The disease had broken out in many places in 2006, and at least one city recorded an extraordinarily high mortality. Ahmedabad registered 2,944 deaths over its average during a four-month period when the outbreak had peaked, municipal records show.

“Such unusually high mortality rates are normally associated with epidemics or natural calamities,” said Dileep Mavalankar, professor of public health at the Indian Institute of Management, Ahmedabad. “But these excess deaths have never been properly investigated.”

Mavalankar said he had sent several written requests to the health ministry for a detailed investigation to find the cause of the deaths, which even today remain unanswered.

During the 2006 outbreak, more than 1.4 million people were suspected to have been infected by chikungunya, a viral disease spread by mosquitoes.

Several patients had developed brain complications and died, a government medical researcher said. But health officials claim these deaths occurred only because the infected people were aged.

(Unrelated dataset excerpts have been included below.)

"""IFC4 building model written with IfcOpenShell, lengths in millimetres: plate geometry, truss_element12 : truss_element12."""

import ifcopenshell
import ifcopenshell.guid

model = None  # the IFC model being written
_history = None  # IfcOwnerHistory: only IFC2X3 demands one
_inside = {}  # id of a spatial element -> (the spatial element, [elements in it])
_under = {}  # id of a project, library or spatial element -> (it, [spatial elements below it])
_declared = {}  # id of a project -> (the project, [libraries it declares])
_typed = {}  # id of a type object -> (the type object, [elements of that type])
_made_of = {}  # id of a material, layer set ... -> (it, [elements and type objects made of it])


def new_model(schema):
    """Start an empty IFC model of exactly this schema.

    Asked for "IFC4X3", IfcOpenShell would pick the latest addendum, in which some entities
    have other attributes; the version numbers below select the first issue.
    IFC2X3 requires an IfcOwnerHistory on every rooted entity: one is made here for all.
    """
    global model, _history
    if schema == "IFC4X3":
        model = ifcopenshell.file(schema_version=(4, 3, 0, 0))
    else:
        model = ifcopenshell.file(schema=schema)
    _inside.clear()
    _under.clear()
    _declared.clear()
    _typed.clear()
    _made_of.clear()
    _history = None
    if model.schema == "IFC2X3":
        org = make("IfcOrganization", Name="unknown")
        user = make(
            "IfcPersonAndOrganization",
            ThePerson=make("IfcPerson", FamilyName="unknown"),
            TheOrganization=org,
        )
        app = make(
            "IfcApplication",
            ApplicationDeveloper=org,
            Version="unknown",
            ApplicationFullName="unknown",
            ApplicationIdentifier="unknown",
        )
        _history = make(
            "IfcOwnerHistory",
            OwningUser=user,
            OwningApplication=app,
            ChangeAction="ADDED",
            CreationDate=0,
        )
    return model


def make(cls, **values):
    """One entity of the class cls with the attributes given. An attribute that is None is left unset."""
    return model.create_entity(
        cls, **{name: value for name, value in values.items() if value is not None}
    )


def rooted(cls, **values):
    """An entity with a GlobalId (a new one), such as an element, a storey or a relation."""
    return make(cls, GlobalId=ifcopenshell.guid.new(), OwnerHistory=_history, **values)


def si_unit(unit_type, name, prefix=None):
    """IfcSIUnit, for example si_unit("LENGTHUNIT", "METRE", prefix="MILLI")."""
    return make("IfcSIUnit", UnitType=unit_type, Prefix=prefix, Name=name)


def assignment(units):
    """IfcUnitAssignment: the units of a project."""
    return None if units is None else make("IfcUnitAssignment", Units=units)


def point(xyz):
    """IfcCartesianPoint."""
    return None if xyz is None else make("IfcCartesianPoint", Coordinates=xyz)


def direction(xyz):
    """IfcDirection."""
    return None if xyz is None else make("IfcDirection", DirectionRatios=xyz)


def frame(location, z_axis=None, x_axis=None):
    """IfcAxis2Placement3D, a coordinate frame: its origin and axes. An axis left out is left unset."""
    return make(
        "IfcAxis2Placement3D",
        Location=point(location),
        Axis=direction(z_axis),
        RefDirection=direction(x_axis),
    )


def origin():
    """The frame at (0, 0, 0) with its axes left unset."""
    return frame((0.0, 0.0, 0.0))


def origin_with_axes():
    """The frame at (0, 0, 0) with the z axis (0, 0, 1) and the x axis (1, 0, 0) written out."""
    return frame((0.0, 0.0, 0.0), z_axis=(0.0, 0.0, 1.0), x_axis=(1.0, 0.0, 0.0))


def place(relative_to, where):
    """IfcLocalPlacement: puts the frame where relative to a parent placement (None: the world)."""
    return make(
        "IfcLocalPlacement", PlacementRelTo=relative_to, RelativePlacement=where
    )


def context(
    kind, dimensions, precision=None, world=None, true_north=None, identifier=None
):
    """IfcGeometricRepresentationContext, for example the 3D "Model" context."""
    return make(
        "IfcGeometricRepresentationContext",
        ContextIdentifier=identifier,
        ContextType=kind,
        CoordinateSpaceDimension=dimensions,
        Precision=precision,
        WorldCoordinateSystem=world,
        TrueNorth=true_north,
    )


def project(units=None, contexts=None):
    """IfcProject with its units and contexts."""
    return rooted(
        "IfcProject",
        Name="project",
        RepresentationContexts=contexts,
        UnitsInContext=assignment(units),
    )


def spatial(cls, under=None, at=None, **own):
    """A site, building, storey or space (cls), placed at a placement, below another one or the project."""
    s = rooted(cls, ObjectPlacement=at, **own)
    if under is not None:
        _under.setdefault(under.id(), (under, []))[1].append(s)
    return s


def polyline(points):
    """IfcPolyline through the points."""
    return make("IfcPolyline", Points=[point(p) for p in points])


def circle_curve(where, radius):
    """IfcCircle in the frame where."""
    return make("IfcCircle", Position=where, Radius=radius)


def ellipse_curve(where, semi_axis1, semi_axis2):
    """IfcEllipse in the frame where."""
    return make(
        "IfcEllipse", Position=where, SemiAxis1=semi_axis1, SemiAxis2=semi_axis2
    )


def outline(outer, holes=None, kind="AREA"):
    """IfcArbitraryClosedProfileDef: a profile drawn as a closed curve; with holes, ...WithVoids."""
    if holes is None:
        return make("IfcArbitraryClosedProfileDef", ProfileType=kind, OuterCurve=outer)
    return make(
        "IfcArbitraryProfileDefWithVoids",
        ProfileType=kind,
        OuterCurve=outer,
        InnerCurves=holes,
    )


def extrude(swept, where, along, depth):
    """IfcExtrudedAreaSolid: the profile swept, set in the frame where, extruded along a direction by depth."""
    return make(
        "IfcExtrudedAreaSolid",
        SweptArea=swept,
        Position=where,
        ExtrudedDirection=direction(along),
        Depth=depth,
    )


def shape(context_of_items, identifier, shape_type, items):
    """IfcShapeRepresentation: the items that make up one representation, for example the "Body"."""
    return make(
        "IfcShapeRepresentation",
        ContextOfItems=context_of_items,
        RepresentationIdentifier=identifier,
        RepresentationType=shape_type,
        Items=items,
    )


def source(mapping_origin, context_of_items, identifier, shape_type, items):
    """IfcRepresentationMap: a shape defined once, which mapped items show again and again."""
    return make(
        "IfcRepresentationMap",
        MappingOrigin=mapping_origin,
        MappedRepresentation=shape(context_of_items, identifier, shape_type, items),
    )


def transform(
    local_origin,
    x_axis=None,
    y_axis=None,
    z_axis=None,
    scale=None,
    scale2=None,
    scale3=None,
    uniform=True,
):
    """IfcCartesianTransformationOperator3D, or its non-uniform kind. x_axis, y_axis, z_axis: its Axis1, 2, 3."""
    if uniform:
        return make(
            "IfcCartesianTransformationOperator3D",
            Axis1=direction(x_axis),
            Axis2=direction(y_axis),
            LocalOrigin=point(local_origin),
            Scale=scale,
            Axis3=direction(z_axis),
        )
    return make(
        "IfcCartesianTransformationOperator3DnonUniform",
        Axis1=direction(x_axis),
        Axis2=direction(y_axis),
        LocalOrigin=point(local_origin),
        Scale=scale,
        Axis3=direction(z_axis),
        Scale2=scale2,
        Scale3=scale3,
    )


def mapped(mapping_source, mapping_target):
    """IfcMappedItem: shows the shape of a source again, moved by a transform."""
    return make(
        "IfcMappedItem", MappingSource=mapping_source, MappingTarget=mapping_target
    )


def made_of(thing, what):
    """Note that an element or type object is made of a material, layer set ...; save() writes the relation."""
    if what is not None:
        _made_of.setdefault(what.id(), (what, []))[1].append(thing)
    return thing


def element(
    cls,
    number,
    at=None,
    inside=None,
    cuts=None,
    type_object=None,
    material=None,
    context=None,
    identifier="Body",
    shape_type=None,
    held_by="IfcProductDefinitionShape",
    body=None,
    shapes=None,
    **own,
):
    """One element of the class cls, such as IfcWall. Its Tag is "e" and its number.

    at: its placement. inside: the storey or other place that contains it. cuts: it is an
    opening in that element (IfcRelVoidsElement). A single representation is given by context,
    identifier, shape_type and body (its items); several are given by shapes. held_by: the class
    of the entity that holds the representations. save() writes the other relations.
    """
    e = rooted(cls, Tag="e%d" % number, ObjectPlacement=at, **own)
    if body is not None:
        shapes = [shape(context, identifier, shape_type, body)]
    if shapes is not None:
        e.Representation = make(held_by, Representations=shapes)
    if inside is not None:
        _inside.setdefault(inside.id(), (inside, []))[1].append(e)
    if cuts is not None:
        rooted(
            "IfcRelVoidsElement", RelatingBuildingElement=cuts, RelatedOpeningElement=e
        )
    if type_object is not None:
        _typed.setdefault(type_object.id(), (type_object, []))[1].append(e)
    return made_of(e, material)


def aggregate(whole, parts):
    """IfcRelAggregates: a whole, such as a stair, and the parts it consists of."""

Health minister Anbumani Ramadoss has told Parliament at least 10 times over the past 18 months that no death in India can be attributed to chikungunya.

The government’s top official responsible for tracking mosquito-borne diseases said chikungunya officially remains a non-fatal disease.

“We stand by what we have informed Parliament,” said G.P.S. Dhillon, director of the National Vector-Borne Disease Control Programme.

But Mavalankar is surprised that the deaths were not investigated only because the patients were aged.

“Imagine not investigating a hit-and-run case only because the victim is an old person who may have had difficulty in crossing the road,” he said.

Mavalankar and his colleagues at IIM Ahmedabad spent months analysing municipal death records and have recently highlighted the unusual mortality rise in Ahmedabad from August to November 2006 in the journal Emerging Infectious Diseases.

Chikungunya had re-emerged in India in 2006 after 32 years. Public health experts believe the virus spread to India from Reunion Island in the Indian Ocean, where it had raged for several months and killed 254 people.

Last year too, there were nearly 56,000 cases, mainly in Kerala and Bengal.

Sanchita Bakshi, director of health services in Bengal, said 20,000 people were infected with chikungunya in the state in 2007-08 but none had died of the disease.

“Many hospital authorities were afraid to stamp a death case as chikungunya without a positive blood test,” Mavalankar said. He described the central government’s attitude as “shocking”.

While the Centre has steadfastly maintained that no one ever died of chikungunya, the Gujarat government had in 2006 told the Assembly that 11 people had died of the disease.

When this inconsistency was pointed out to Dhillon, he said: “Why don’t you ask the Gujarat government?”